**Supplied records:**
---

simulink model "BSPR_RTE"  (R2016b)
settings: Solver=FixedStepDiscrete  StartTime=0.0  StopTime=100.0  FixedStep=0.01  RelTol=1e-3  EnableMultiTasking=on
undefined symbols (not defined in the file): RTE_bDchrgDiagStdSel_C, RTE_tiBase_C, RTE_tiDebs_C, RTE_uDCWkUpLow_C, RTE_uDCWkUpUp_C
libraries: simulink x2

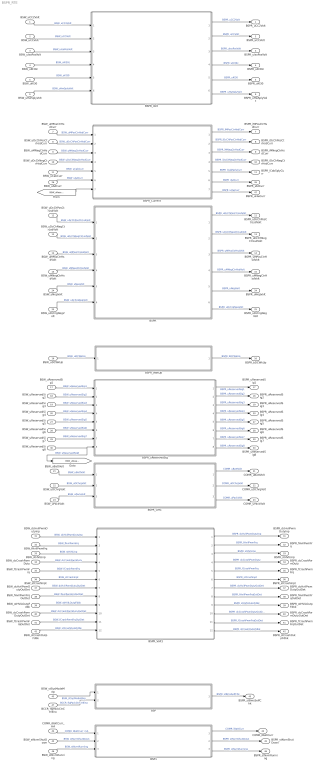
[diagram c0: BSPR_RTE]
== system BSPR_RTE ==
  BSW_uCC2Volt : Inport
  BSW_uCCVolt : Inport  Port=2
  BSW_uIsoPosVolt : Inport  Port=3
  BSW_uKl30c : Inport  Port=4
  BSW_uKl30 : Inport  Port=5
  BSW_uHwSplyVolt : Inport  Port=6
  BSW_uMPosCtrHsdCurr : Inport  Port=7
  BSW_uDcChPosCtrHsdCurr : Inport  Port=8
  BSW_uMNegCtrHsdCurr : Inport  Port=9
  BSW_uDcChNegCtrHsdCurr : Inport  Port=10
  BSW_uCabCurr : Inport  Port=11
  BSW_uDcChPosCtrLsdVolt : Inport  Port=12
  BSW_uDcChNegCtrLsdVolt : Inport  Port=13
  BSW_uMPosCtrHsdVolt : Inport  Port=14
  BSW_uMNegCtrHsdVolt : Inport  Port=15
  BSW_uDCWkUp : Inport  Port=16
  BSW_uReservedSig1 : Inport  Port=17
  BSW_uReservedSig2 : Inport  Port=18
  BSW_uReservedSig3 : Inport  Port=19
  BSW_uReservedSig4 : Inport  Port=20
  BSW_uBattVolt : Inport  Port=21
  BSW_uDChrgVolt : Inport  Port=22
  BSW_uPackVolt : Inport  Port=23
  BSW_uNegVolt : Inport  Port=24
  BSW_uDchrgNegVolt : Inport  Port=25
  BSW_uAdCurr : Inport  Port=26
  BSW_uReservedSig5 : Inport  Port=27
  BSW_uReservedSig6 : Inport  Port=28
  BSW_uReservedSig7 : Inport  Port=29
  BSW_uReservedSig8 : Inport  Port=30
  BSW_dcHvilPwmDutyInp : Inport  Port=31
  BSW_fHvilPwmFrq : Inport  Port=32
  BSW_stHVILInp : Inport  Port=33
  BSW_dcCrashPwmDuty : Inport  Port=34
  BSW_fCrashPwmFrq : Inport  Port=35
  BSW_stCrashInpt : Inport  Port=36
  BSW_dcHvilPwmDutyOutDet : Inport  Port=37
  BSW_fHvilPwmFrqOutDet : Inport  Port=38
  BSW_stHVILOutpFdbk : Inport  Port=39
  BSW_dcCrashPwmDutyOutDet : Inport  Port=40
  BSW_fCrashPwmFrqOutDet : Inport  Port=41
  BSW_stCrashOutpFdbk : Inport  Port=42
  BSW_stSysModeMag : Inport  Port=43
  " COMR_iBattCurr_mA" : Inport  Port=44
  " BSW_stNvmShutDown" : Inport  Port=45
  " BSW_stNvmRunning" : Inport  Port=46
  BCCR_flgPackCtrCtrlEna : Inport  Port=47
  BSP : Subsystem  TreatAsAtomicUnit=on
  BSP1 : Subsystem  TreatAsAtomicUnit=on
  BSPR : Subsystem  TreatAsAtomicUnit=on
  "BSPR_CMC " : Subsystem  TreatAsAtomicUnit=on
  BSPR_Current : Subsystem  TreatAsAtomicUnit=on
  BSPR_Volt : Subsystem  TreatAsAtomicUnit=on
  BSPR_Volt1 : Subsystem  TreatAsAtomicUnit=on
  BSPR_WakUp : Subsystem  TreatAsAtomicUnit=on
  BSPR_uReservedSig : Subsystem  TreatAsAtomicUnit=on
  BSPR_uCC2Volt : Outport
  BSPR_uCCVolt : Outport  Port=2
  BSPR_uIsoPosVolt : Outport  Port=3
  BSPR_uKl30c : Outport  Port=4
  BSPR_uKl30 : Outport  Port=5
  BSPR_uHwSplyVolt : Outport  Port=6
  BSPR_iMPosCtrHsdCurr : Outport  Port=7
  BSPR_iDcChPosCtrHsdCurr : Outport  Port=8
  BSPR_iMNegCtrHsdCurr : Outport  Port=9
  BSPR_iDcChNegCtrHsdCurr : Outport  Port=10
  BSPR_iCabSplyCurr : Outport  Port=11
  BSPR_uDcChPosCtrLsdVolt : Outport  Port=12
  BSPR_uDcChNegCtrLsdVolt : Outport  Port=13
  BSPR_uMPosCtrHsdVolt : Outport  Port=14
  BSPR_uMNegCtrHsdVolt : Outport  Port=15
  BSPR_bDCWkUp : Outport  Port=16
  BSPR_uReservedSig1 : Outport  Port=17
  BSPR_uReservedSig2 : Outport  Port=18
  BSPR_uReservedSig3 : Outport  Port=19
  BSPR_uReservedSig4 : Outport  Port=20
  COMR_uBattVolt : Outport  Port=21
  COMR_uDChrgVolt : Outport  Port=22
  COMR_uPackVolt : Outport  Port=23
  BSPR_uNegVolt : Outport  Port=24
  BSPR_uDchrgNegVolt : Outport  Port=25
  BSPR_iAdCurr : Outport  Port=26
  BSPR_uReservedSig5 : Outport  Port=27
  BSPR_uReservedSig6 : Outport  Port=28
  BSPR_uReservedSig7 : Outport  Port=29
  BSPR_uReservedSig8 : Outport  Port=30
  BSPR_dcHvilPwmDutyInp : Outport  Port=31
  BSPR_fHvilPwmFrq : Outport  Port=32
  BSPR_stHVILInp : Outport  Port=33
  BSPR_dcCrashPwmDuty : Outport  Port=34
  BSPR_fCrashPwmFrq : Outport  Port=35
  BSPR_stCrashInpt : Outport  Port=36
  BSPR_dcHvilPwmDutyOutDet : Outport  Port=37
  BSPR_fHvilPwmFrqOutDet : Outport  Port=38
  BSPR_stHVILOutpFdbk : Outport  Port=39
  BSPR_dcCrashPwmDutyOutDet : Outport  Port=40
  BSPR_fCrashPwmFrqOutDet : Outport  Port=41
  BSPR_stCrashOutpFdbk : Outport  Port=42
  BSPR_stBmsSelfChk : Outport  Port=43
  COMR_iBattCurr : Outport  Port=44
  BSPR_stNvmShutDown : Outport  Port=45
  BSPR_stNvmRunning : Outport  Port=46
  BSPR_uHwCurr : Outport  Port=47
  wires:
  BSW_uDcChPosCtrLsdVolt/1 -> BSPR/1(BSW_uDcChPosCtrLsdVolt)  "BSW_uDcChPosCtrLsdVolt"
  BSW_uDcChNegCtrLsdVolt/1 -> BSPR/2(BSW_uDcChNegCtrLsdVolt)  "BSW_uDcChNegCtrLsdVolt"
  BSW_uMPosCtrHsdVolt/1 -> BSPR/3(BSW_uMPosCtrHsdVolt)  "BSW_uMPosCtrHsdVolt"
  BSW_uMNegCtrHsdVolt/1 -> BSPR/4(BSW_uMNegCtrHsdVolt)  "BSW_uMNegCtrHsdVolt"
  BSPR/1(BSPR_uDcChPosCtrLsdVolt) -> BSPR_uDcChPosCtrLsdVolt/1  "BSPR_uDcChPosCtrLsdVolt"
  BSPR/2(BSPR_uDcChNegCtrLsdVolt) -> BSPR_uDcChNegCtrLsdVolt/1  "BSPR_uDcChNegCtrLsdVolt"
  BSPR/3(BSPR_uMPosCtrHsdVolt) -> BSPR_uMPosCtrHsdVolt/1  "BSPR_uMPosCtrHsdVolt"
  BSPR/4(BSPR_uMNegCtrHsdVolt) -> BSPR_uMNegCtrHsdVolt/1  "BSPR_uMNegCtrHsdVolt"
  BSW_uDCWkUp/1 -> BSPR_WakUp/1(BSW_uDCWkUp)  "BSW_uDCWkUp"
  BSPR_WakUp/1(BSPR_bDCWkUp) -> BSPR_bDCWkUp/1  "BSPR_bDCWkUp"
  BSW_uMPosCtrHsdCurr/1 -> BSPR_Current/1(BSW_uMPosCtrHsdCurr)  "BSW_uMPosCtrHsdCurr"
  BSW_uDcChPosCtrHsdCurr/1 -> BSPR_Current/2(BSW_uDcChPosCtrHsdCurr)  "BSW_uDcChPosCtrHsdCurr"
  BSW_uMNegCtrHsdCurr/1 -> BSPR_Current/3(BSW_uMNegCtrHsdCurr)  "BSW_uMNegCtrHsdCurr"
  BSW_uDcChNegCtrHsdCurr/1 -> BSPR_Current/4(BSW_uDcChNegCtrHsdCurr)  "BSW_uDcChNegCtrHsdCurr"
  BSW_uCabCurr/1 -> BSPR_Current/5(BSW_uCabCurr)  "BSW_uCabCurr"
  BSPR_Current/1(BSPR_iMPosCtrHsdCurr) -> BSPR_iMPosCtrHsdCurr/1  "BSPR_iMPosCtrHsdCurr"
  BSPR_Current/2(BSPR_iDcChPosCtrHsdCurr) -> BSPR_iDcChPosCtrHsdCurr/1  "BSPR_iDcChPosCtrHsdCurr"
  BSPR_Current/3(BSPR_iMNegCtrHsdCurr) -> BSPR_iMNegCtrHsdCurr/1  "BSPR_iMNegCtrHsdCurr"
  BSPR_Current/4(BSPR_iDcChNegCtrHsdCurr) -> BSPR_iDcChNegCtrHsdCurr/1  "BSPR_iDcChNegCtrHsdCurr"
  BSPR_Current/5(BSPR_iCabSplyCurr) -> BSPR_iCabSplyCurr/1  "BSPR_iCabSplyCurr"
  BSW_uReservedSig1/1 -> BSPR_uReservedSig/1(BSW_uReservedSig1)  "BSW_uReservedSig1"
  BSW_uReservedSig2/1 -> BSPR_uReservedSig/2(BSW_uReservedSig2)  "BSW_uReservedSig2"
  BSW_uReservedSig3/1 -> BSPR_uReservedSig/3(BSW_uReservedSig3)  "BSW_uReservedSig3"
  BSW_uReservedSig4/1 -> BSPR_uReservedSig/4(BSW_uReservedSig4)  "BSW_uReservedSig4"
  BSPR_uReservedSig/1(BSPR_uReservedSig1) -> BSPR_uReservedSig1/1  "BSPR_uReservedSig1"
  BSPR_uReservedSig/2(BSPR_uReservedSig2) -> BSPR_uReservedSig2/1  "BSPR_uReservedSig2"
  BSPR_uReservedSig/3(BSPR_uReservedSig3) -> BSPR_uReservedSig3/1  "BSPR_uReservedSig3"
  BSPR_uReservedSig/4(BSPR_uReservedSig4) -> BSPR_uReservedSig4/1  "BSPR_uReservedSig4"
  BSW_uCC2Volt/1 -> BSPR_Volt/1(BSW_uCC2Volt)  "BSW_uCC2Volt"
  BSW_uCCVolt/1 -> BSPR_Volt/2(BSW_uCCVolt)  "BSW_uCCVolt"
  BSW_uIsoPosVolt/1 -> BSPR_Volt/3(BSW_uIsoPosVolt)  "BSW_uIsoPosVolt"
  BSW_uKl30c/1 -> BSPR_Volt/4(BSW_uKl30c)  "BSW_uKl30c"
  BSW_uKl30/1 -> BSPR_Volt/5(BSW_uKl30)  "BSW_uKl30"
  BSPR_Volt/1(BSPR_uCC2Volt) -> BSPR_uCC2Volt/1  "BSPR_uCC2Volt"
  BSPR_Volt/2(BSPR_uCCVolt) -> BSPR_uCCVolt/1  "BSPR_uCCVolt"
  BSPR_Volt/3(BSPR_uIsoPosVolt) -> BSPR_uIsoPosVolt/1  "BSPR_uIsoPosVolt"
  BSPR_Volt/4(BSPR_uKl30c) -> BSPR_uKl30c/1  "BSPR_uKl30c"
  BSPR_Volt/5(BSPR_uKl30) -> BSPR_uKl30/1  "BSPR_uKl30"
  BSW_uBattVolt/1 -> "BSPR_CMC "/1(BSW_uBattVolt)  "BSW_uBattVolt"
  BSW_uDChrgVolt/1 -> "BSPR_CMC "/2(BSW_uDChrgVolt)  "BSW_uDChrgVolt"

---

**Task brief:**
Word for word, restate the lines above from the line containing "BSPR/2(BSPR_uDcChNegCtrLsdVolt) -> BSPR_uDcChNegCtrLsdVolt/1" through the line containing "BSW_uMNegCtrHsdCurr/1 -> BSPR_Current/3(BSW_uMNegCtrHsdCurr)", with both included and nothing else.

**Solution to this problem:**
  BSPR/2(BSPR_uDcChNegCtrLsdVolt) -> BSPR_uDcChNegCtrLsdVolt/1  "BSPR_uDcChNegCtrLsdVolt"
  BSPR/3(BSPR_uMPosCtrHsdVolt) -> BSPR_uMPosCtrHsdVolt/1  "BSPR_uMPosCtrHsdVolt"
  BSPR/4(BSPR_uMNegCtrHsdVolt) -> BSPR_uMNegCtrHsdVolt/1  "BSPR_uMNegCtrHsdVolt"
  BSW_uDCWkUp/1 -> BSPR_WakUp/1(BSW_uDCWkUp)  "BSW_uDCWkUp"
  BSPR_WakUp/1(BSPR_bDCWkUp) -> BSPR_bDCWkUp/1  "BSPR_bDCWkUp"
  BSW_uMPosCtrHsdCurr/1 -> BSPR_Current/1(BSW_uMPosCtrHsdCurr)  "BSW_uMPosCtrHsdCurr"
  BSW_uDcChPosCtrHsdCurr/1 -> BSPR_Current/2(BSW_uDcChPosCtrHsdCurr)  "BSW_uDcChPosCtrHsdCurr"
  BSW_uMNegCtrHsdCurr/1 -> BSPR_Current/3(BSW_uMNegCtrHsdCurr)  "BSW_uMNegCtrHsdCurr"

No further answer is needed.